### Exercise instructions
Your task is to copy the stretch of lines in the records below that begins with the line containing "#1665=EDGE_CURVE('',#1248,#1368,#26,.T.);" and ends with the line containing "#3144=DIRECTION('',(0.501,-0.289,0.816));", exactly as written, with nothing added.

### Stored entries
────────────────────

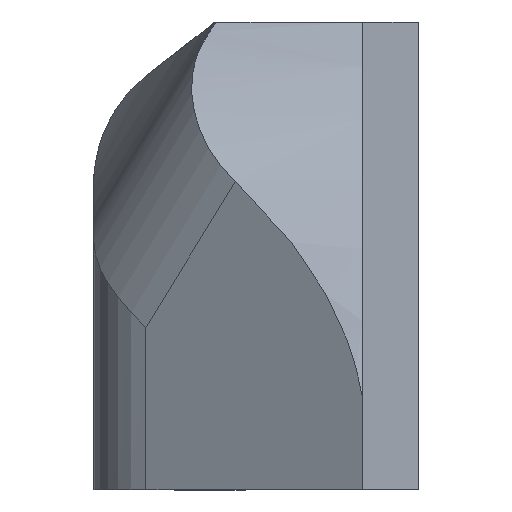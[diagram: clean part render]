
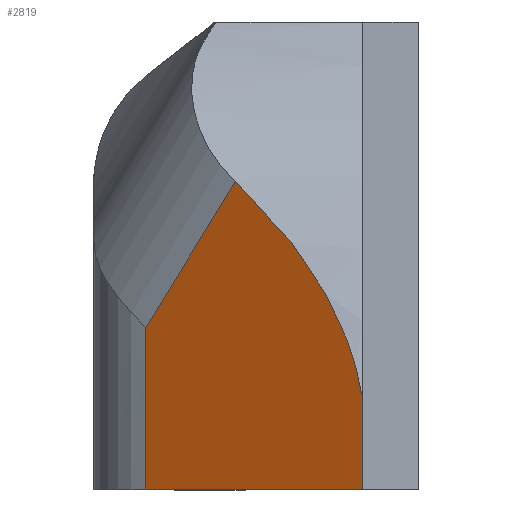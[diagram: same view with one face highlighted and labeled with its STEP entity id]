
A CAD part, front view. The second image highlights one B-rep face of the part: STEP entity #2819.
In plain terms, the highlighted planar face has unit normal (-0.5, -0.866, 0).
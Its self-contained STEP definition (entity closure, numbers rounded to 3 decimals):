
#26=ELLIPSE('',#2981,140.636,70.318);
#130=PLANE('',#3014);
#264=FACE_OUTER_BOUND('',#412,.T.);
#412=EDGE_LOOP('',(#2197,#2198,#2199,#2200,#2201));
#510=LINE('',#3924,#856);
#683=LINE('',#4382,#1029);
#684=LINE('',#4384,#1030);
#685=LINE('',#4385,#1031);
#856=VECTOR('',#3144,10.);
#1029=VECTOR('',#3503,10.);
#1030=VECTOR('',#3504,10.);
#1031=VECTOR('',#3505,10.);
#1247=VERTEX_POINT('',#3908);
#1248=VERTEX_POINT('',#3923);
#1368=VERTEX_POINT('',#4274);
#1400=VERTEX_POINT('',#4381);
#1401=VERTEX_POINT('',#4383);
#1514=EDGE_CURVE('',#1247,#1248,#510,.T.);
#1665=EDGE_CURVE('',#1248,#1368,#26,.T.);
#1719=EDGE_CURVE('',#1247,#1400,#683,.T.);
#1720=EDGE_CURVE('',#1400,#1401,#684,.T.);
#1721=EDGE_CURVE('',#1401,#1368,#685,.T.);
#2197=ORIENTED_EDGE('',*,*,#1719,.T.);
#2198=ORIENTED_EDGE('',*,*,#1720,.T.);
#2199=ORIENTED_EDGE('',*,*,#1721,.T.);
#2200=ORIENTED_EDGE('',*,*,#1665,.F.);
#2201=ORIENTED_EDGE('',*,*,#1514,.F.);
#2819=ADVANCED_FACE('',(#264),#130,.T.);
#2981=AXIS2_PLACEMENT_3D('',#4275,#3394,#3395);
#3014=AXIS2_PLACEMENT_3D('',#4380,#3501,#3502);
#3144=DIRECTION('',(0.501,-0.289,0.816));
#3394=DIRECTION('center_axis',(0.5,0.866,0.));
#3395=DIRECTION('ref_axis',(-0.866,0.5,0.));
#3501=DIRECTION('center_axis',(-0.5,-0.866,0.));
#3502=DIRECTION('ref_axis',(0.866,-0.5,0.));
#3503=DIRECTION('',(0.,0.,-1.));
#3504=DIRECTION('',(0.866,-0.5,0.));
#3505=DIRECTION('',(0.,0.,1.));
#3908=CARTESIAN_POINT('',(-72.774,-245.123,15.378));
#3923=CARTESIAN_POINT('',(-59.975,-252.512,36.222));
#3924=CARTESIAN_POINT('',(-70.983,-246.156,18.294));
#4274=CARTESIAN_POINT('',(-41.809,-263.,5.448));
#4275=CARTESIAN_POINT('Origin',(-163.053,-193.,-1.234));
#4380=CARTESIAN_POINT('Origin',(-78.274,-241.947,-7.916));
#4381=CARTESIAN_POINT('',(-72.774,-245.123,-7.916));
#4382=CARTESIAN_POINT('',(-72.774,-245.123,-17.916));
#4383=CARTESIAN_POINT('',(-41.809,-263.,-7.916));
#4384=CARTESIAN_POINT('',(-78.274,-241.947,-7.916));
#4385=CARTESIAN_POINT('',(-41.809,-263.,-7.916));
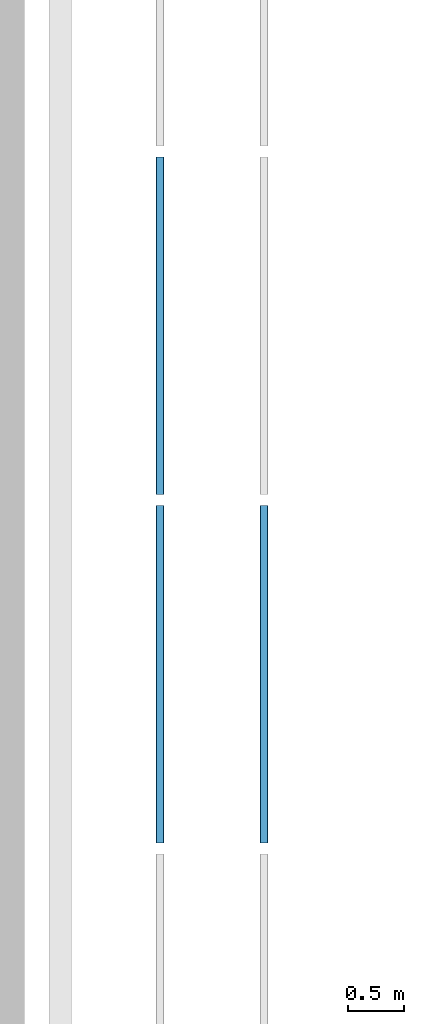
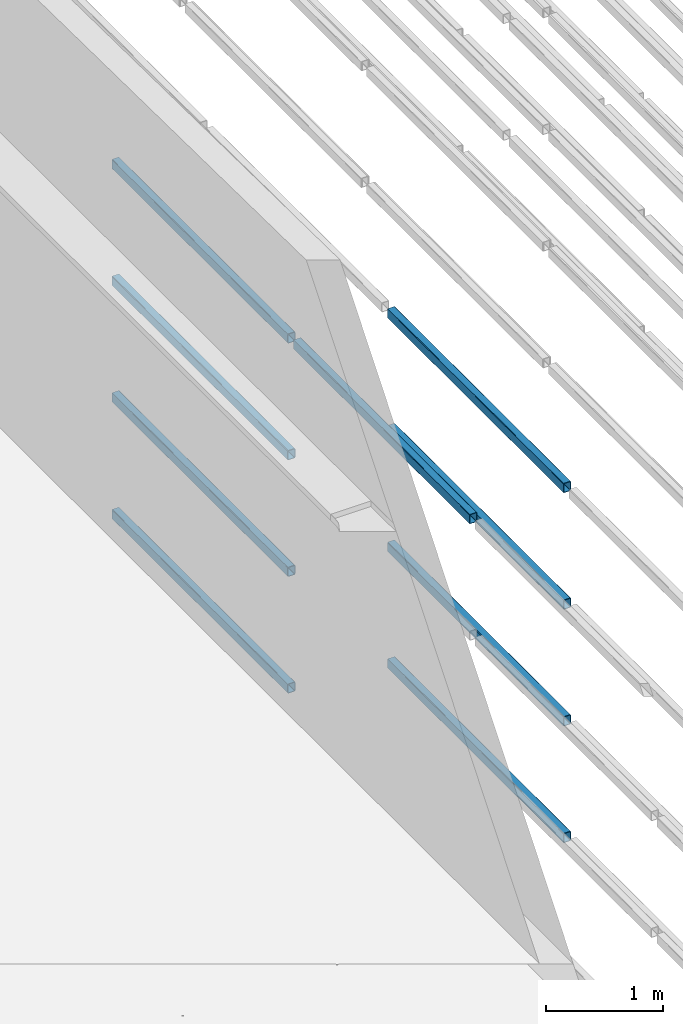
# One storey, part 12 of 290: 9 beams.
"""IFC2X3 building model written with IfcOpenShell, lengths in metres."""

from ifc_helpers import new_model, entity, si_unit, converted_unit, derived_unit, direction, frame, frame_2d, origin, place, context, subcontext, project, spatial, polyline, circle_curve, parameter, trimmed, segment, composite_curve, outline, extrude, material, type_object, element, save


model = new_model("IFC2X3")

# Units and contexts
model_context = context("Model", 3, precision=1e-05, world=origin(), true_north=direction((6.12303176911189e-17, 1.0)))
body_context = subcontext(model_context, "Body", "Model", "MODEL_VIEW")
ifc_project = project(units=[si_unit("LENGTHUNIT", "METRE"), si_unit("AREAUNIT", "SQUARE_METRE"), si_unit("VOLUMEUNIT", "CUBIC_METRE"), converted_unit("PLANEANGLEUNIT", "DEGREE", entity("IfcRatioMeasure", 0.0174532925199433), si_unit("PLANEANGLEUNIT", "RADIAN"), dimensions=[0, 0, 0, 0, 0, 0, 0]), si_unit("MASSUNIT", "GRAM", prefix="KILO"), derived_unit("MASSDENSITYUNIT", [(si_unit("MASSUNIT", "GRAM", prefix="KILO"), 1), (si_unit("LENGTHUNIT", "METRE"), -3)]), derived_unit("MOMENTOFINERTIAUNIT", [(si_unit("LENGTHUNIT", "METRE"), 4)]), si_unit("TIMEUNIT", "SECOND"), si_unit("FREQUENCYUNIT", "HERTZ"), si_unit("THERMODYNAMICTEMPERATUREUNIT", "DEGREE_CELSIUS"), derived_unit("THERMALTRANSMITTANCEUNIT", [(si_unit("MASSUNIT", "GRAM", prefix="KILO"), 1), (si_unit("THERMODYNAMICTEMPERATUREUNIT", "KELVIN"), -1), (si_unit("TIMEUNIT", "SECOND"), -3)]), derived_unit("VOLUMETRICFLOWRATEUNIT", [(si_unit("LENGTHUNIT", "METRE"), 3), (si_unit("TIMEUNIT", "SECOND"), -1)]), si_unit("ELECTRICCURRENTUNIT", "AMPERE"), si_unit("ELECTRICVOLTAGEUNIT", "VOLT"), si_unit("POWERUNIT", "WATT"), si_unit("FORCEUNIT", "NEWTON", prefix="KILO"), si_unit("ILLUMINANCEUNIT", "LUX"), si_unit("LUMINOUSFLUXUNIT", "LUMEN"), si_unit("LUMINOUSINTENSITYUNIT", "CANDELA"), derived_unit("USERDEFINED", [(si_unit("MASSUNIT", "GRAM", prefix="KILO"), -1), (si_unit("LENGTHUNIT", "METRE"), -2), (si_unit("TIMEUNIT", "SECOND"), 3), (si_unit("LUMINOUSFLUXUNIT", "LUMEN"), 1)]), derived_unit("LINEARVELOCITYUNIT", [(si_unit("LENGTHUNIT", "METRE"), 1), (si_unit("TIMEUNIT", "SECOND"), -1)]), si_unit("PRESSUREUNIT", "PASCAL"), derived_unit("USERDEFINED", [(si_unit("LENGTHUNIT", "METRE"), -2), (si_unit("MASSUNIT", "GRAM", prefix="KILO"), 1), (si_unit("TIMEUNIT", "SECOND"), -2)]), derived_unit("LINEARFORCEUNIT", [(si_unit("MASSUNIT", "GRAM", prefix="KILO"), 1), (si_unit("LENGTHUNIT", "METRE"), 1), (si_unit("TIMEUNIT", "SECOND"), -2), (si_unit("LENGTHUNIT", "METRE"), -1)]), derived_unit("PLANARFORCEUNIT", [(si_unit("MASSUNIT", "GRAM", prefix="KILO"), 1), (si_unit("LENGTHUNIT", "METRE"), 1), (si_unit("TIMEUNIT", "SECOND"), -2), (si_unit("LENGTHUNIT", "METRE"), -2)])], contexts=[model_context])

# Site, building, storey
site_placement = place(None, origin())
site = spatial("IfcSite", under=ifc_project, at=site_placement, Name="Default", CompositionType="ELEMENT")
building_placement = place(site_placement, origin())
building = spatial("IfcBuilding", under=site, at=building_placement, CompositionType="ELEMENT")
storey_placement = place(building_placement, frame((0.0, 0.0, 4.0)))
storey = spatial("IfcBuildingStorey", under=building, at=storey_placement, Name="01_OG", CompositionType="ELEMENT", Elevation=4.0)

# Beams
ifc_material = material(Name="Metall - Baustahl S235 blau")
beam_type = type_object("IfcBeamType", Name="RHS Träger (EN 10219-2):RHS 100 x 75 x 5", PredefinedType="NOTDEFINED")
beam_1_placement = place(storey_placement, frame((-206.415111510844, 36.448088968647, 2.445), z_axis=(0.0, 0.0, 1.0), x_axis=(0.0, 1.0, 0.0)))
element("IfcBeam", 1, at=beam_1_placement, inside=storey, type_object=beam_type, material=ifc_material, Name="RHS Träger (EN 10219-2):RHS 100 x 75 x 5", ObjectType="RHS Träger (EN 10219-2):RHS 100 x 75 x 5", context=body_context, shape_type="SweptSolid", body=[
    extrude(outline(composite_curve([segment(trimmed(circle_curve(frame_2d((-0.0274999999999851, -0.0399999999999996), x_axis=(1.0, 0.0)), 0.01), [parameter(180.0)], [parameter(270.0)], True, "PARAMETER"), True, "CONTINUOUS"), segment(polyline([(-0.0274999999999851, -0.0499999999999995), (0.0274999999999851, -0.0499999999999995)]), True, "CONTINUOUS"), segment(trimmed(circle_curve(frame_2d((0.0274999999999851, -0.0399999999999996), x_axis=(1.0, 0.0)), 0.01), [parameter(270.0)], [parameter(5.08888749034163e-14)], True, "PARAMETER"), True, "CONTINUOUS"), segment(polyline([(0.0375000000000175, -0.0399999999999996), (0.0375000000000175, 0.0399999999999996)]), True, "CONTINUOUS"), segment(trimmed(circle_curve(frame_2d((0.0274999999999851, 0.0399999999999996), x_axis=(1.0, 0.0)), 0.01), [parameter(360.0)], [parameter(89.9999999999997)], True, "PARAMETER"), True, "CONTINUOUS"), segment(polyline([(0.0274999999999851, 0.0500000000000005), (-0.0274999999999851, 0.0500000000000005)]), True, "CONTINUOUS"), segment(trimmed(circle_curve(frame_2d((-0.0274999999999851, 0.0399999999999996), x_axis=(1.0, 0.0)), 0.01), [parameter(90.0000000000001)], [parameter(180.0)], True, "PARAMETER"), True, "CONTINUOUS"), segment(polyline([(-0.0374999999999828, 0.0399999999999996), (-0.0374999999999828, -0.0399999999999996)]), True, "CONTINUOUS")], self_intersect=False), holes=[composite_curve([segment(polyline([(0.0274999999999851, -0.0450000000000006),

────────────────────

### Finished exercise
#1665=EDGE_CURVE('',#1248,#1368,#26,.T.);
#1719=EDGE_CURVE('',#1247,#1400,#683,.T.);
#1720=EDGE_CURVE('',#1400,#1401,#684,.T.);
#1721=EDGE_CURVE('',#1401,#1368,#685,.T.);
#2197=ORIENTED_EDGE('',*,*,#1719,.T.);
#2198=ORIENTED_EDGE('',*,*,#1720,.T.);
#2199=ORIENTED_EDGE('',*,*,#1721,.T.);
#2200=ORIENTED_EDGE('',*,*,#1665,.F.);
#2201=ORIENTED_EDGE('',*,*,#1514,.F.);
#2819=ADVANCED_FACE('',(#264),#130,.T.);
#2981=AXIS2_PLACEMENT_3D('',#4275,#3394,#3395);
#3014=AXIS2_PLACEMENT_3D('',#4380,#3501,#3502);
#3144=DIRECTION('',(0.501,-0.289,0.816));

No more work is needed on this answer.